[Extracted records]
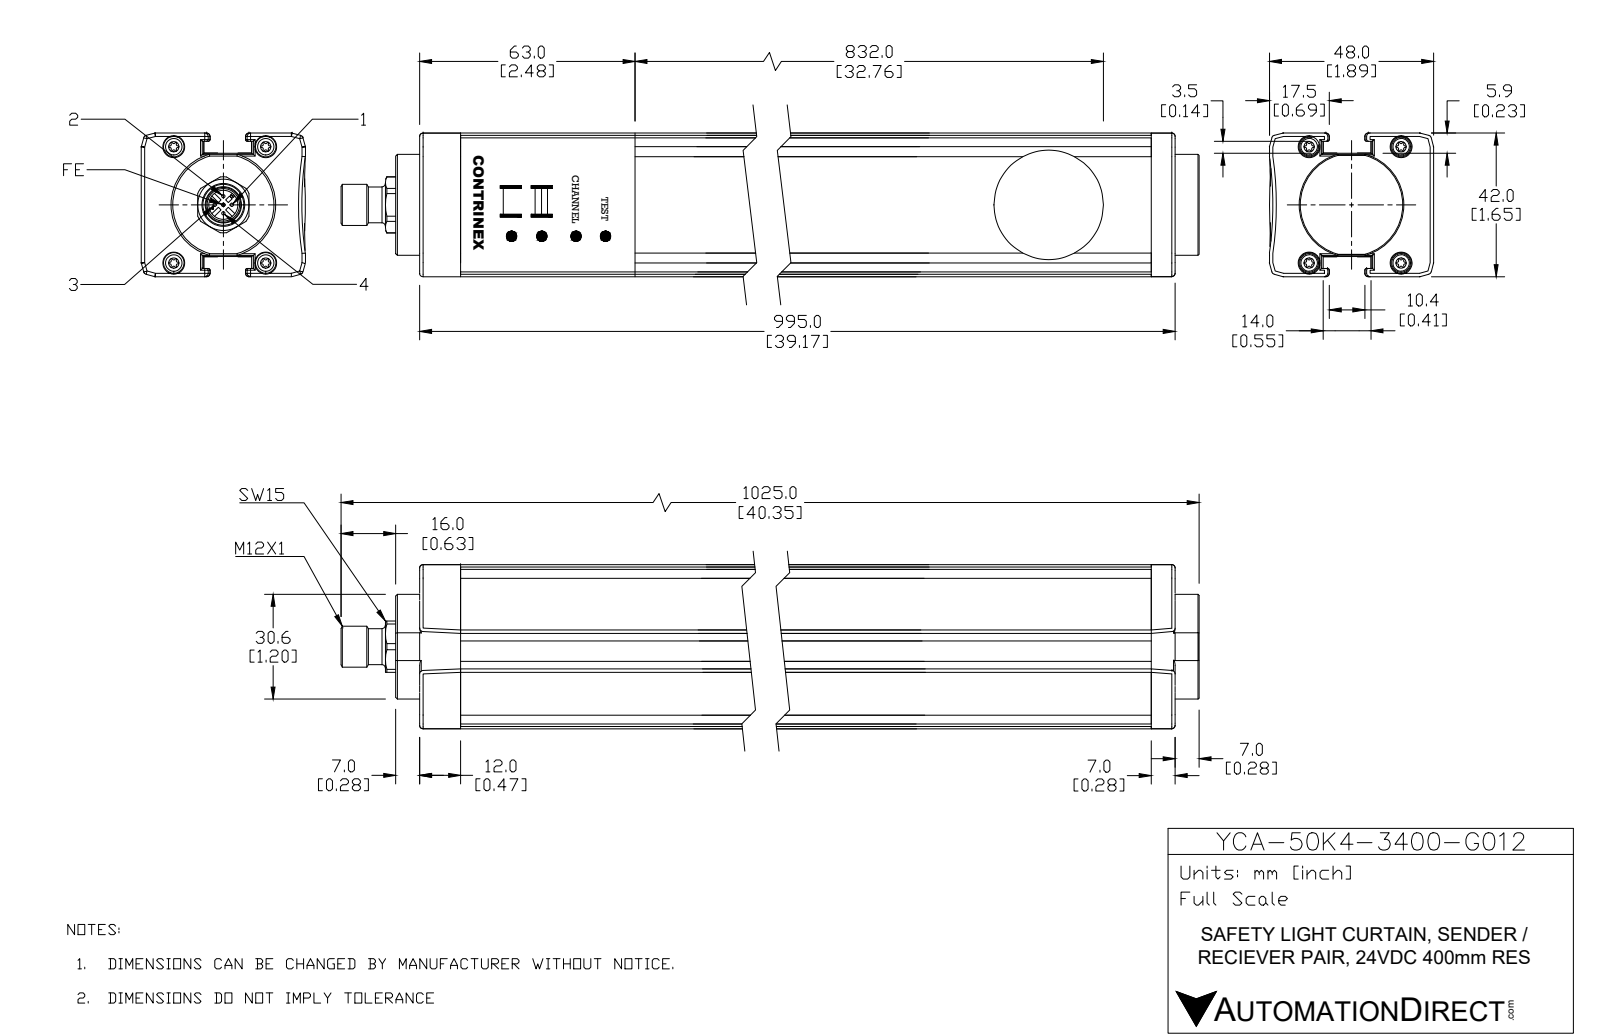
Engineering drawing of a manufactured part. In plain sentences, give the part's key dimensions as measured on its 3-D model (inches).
The part is named "YCA-50K4-3400-G012". Its 3-D file was written by "SolidWorks 2019 (AUTOMOTIVE_DESIGN)". It is 1 solid with 533 faces: 121 planar, 152 cylindrical and 260 other. Overall it measures 40.355 by 1.89 by 1.654 inches. Its volume is 102.4 cubic inches and its surface area 452.2 square inches. Round holes: 4 of diameter 0.12, 4 of diameter 0.236, 1 of diameter 0.335. Round bosses or shafts: 5 of diameter 0.039, 4 of diameter 0.217, 4 of diameter 0.119, 1 of diameter 1.205, 1 of diameter 0.472, 1 of diameter 0.413. Partial cylindrical surfaces (rounded edges, fillets, slot ends): 36 of radius 0.035, 12 of radius 0.039, 10 of radius 0.016, 2 of radius 0.217, 1 of radius 0.02, 1 of radius 0.02, 1 of radius 0.323, 1 of radius 0.689. The main face-to-face distances are 0.231, 1.422, 1.654, 1.191, 1.827, 2.172, 2.005, 0.2, 1.454, 0.031. The hole center spacings are 0.828, 0.88, 1.059, 1.339, 1.707.
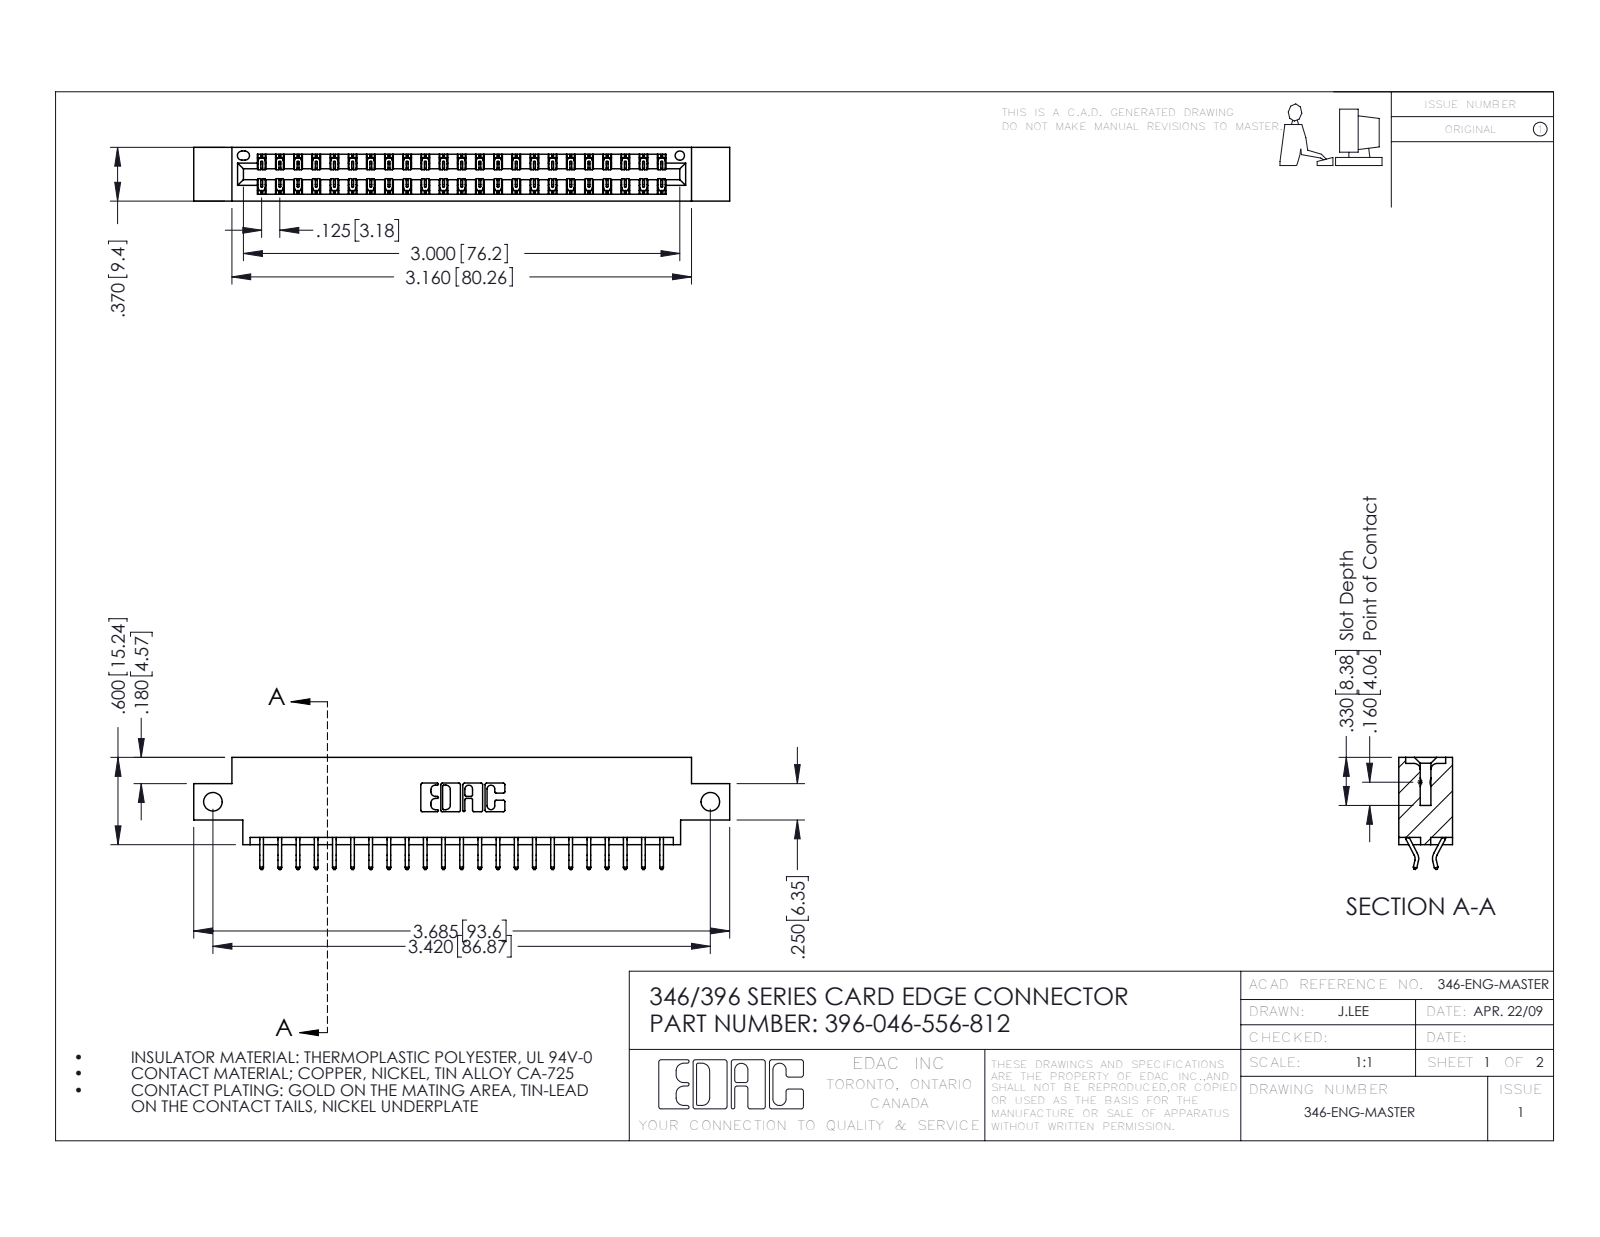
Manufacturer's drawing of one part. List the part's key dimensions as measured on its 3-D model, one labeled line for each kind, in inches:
Part name (STEP PRODUCT): 345-292-001_556 Tail; 396-046-556-812; 346 Part_0.170 Offset - Side Mount
STEP written by: SolidWorks 2016 (CONFIG_CONTROL_DESIGN)
Units: inches
Bodies: 47 solids, 2794 faces (1874 planar, 920 cylindrical, 0 other)
Overall size (bounding box): 3.685 × 0.77 × 0.37
Volume: 0.533 in³ · Surface area: 18.15 in²
Round holes (diameter × count): ⌀0.128 ×2, ⌀0.064 ×1
Partial cylindrical surfaces — rounded edges, fillets, slot ends (radius × count): R0.006 ×69, R0.01 ×22, R0.007 ×6, R0.031 ×6, R0.026 ×3, R0.01 ×2, R0.014 ×2, R0.022 ×2
Main face-to-face distances: 0.048, 0.322, 0.37, 0.25, 0.025, 0.072, 0.298, 0.275, 0.148, 0.222
Hole centre spacings: 3.42

### WHAT YOU WILL DO
Search the entries above for the word "drawing" and copy each line where it appears.

### TASK ANSWER
Engineering drawing of a manufactured part. In plain sentences, give the part's key dimensions as measured on its 3-D model (inches).
Manufacturer's drawing of one part. List the part's key dimensions as measured on its 3-D model, one labeled line for each kind, in inches:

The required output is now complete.